### TASK GOAL
Reproduce the entries verbatim; no pictures.

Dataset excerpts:
______
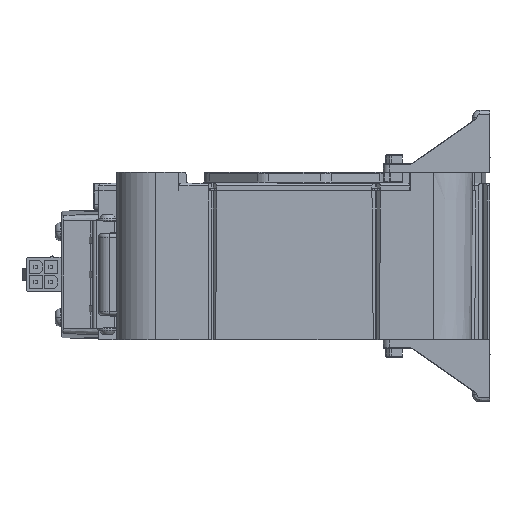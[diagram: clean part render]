
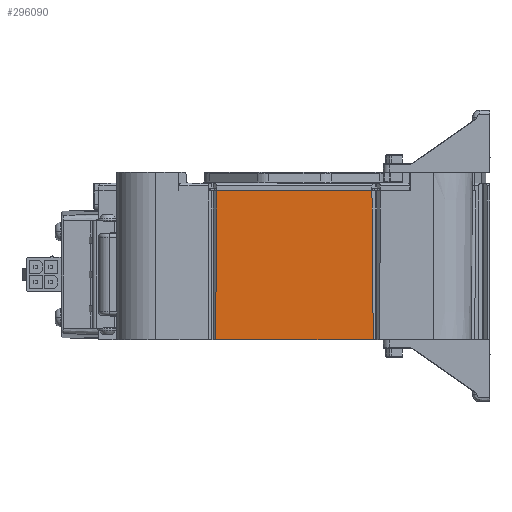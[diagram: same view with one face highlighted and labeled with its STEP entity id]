
A CAD part, left-side view. The second image highlights one B-rep face of the part: STEP entity #296090.
In plain terms, the highlighted planar face has unit normal (-1, 0, -0.009).
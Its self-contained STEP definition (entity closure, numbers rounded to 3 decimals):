
#154600=CARTESIAN_POINT('',(-49.264,23.425,-12.7));
#154610=VERTEX_POINT('',#154600);
#154640=CARTESIAN_POINT('',(-49.264,0.,-12.7));
#154650=DIRECTION('',(0.,-1.,0.));
#154660=VECTOR('',#154650,1.);
#154670=LINE('',#154640,#154660);
#154680=CARTESIAN_POINT('',(-49.264,-20.904,-12.7));
#154690=VERTEX_POINT('',#154680);
#154700=EDGE_CURVE('',#154610,#154690,#154670,.T.);
#295790=CARTESIAN_POINT('',(-49.628,33.81,29.1));
#295800=DIRECTION('',(-1.,0.,-0.009));
#295810=DIRECTION('',(0.,1.,0.));
#295820=AXIS2_PLACEMENT_3D('',#295790,#295800,#295810);
#295830=PLANE('',#295820);
#295840=CARTESIAN_POINT('',(-49.628,0.,29.1));
#295850=DIRECTION('',(0.,1.,0.));
#295860=VECTOR('',#295850,1.);
#295870=LINE('',#295840,#295860);
#295880=CARTESIAN_POINT('',(-49.628,-20.54,
29.1));
#295890=VERTEX_POINT('',#295880);
#295900=CARTESIAN_POINT('',(-49.628,23.06,
29.1));
#295910=VERTEX_POINT('',#295900);
#295920=EDGE_CURVE('',#295890,#295910,#295870,.T.);
#295930=ORIENTED_EDGE('',*,*,#295920,.T.);
#295940=CARTESIAN_POINT('',(-49.628,-20.54,29.1));
#295950=DIRECTION('',(-0.009,0.009,
1.));
#295960=VECTOR('',#295950,1.);
#295970=LINE('',#295940,#295960);
#295980=EDGE_CURVE('',#154690,#295890,#295970,.T.);
#295990=ORIENTED_EDGE('',*,*,#295980,.T.);
#296000=ORIENTED_EDGE('',*,*,#154700,.T.);
#296010=CARTESIAN_POINT('',(-49.628,23.06,29.1));
#296020=DIRECTION('',(0.009,0.009,
-1.));
#296030=VECTOR('',#296020,1.);
#296040=LINE('',#296010,#296030);
#296050=EDGE_CURVE('',#295910,#154610,#296040,.T.);
#296060=ORIENTED_EDGE('',*,*,#296050,.T.);
#296070=EDGE_LOOP('',(#296060,#296000,#295990,#295930));
#296080=FACE_OUTER_BOUND('',#296070,.T.);
#296090=ADVANCED_FACE('',(#296080),#295830,.T.);
______
### WRITTEN ANSWER
[diagram: clean part render]
[diagram: same view with one face highlighted and labeled with its STEP entity id]
A CAD part, left-side view. The second image highlights one B-rep face of the part: STEP entity #296090.
In plain terms, the highlighted planar face has unit normal (-1, 0, -0.009).
Its self-contained STEP definition (entity closure, numbers rounded to 3 decimals):
#154600=CARTESIAN_POINT('',(-49.264,23.425,-12.7));
#154610=VERTEX_POINT('',#154600);
#154640=CARTESIAN_POINT('',(-49.264,0.,-12.7));
#154650=DIRECTION('',(0.,-1.,0.));
#154660=VECTOR('',#154650,1.);
#154670=LINE('',#154640,#154660);
#154680=CARTESIAN_POINT('',(-49.264,-20.904,-12.7));
#154690=VERTEX_POINT('',#154680);
#154700=EDGE_CURVE('',#154610,#154690,#154670,.T.);
#295790=CARTESIAN_POINT('',(-49.628,33.81,29.1));
#295800=DIRECTION('',(-1.,0.,-0.009));
#295810=DIRECTION('',(0.,1.,0.));
#295820=AXIS2_PLACEMENT_3D('',#295790,#295800,#295810);
#295830=PLANE('',#295820);
#295840=CARTESIAN_POINT('',(-49.628,0.,29.1));
#295850=DIRECTION('',(0.,1.,0.));
#295860=VECTOR('',#295850,1.);
#295870=LINE('',#295840,#295860);
#295880=CARTESIAN_POINT('',(-49.628,-20.54,
29.1));
#295890=VERTEX_POINT('',#295880);
#295900=CARTESIAN_POINT('',(-49.628,23.06,
29.1));
#295910=VERTEX_POINT('',#295900);
#295920=EDGE_CURVE('',#295890,#295910,#295870,.T.);
#295930=ORIENTED_EDGE('',*,*,#295920,.T.);
#295940=CARTESIAN_POINT('',(-49.628,-20.54,29.1));
#295950=DIRECTION('',(-0.009,0.009,
1.));
#295960=VECTOR('',#295950,1.);
#295970=LINE('',#295940,#295960);
#295980=EDGE_CURVE('',#154690,#295890,#295970,.T.);
#295990=ORIENTED_EDGE('',*,*,#295980,.T.);
#296000=ORIENTED_EDGE('',*,*,#154700,.T.);
#296010=CARTESIAN_POINT('',(-49.628,23.06,29.1));
#296020=DIRECTION('',(0.009,0.009,
-1.));
#296030=VECTOR('',#296020,1.);
#296040=LINE('',#296010,#296030);
#296050=EDGE_CURVE('',#295910,#154610,#296040,.T.);
#296060=ORIENTED_EDGE('',*,*,#296050,.T.);
#296070=EDGE_LOOP('',(#296060,#296000,#295990,#295930));
#296080=FACE_OUTER_BOUND('',#296070,.T.);
#296090=ADVANCED_FACE('',(#296080),#295830,.T.);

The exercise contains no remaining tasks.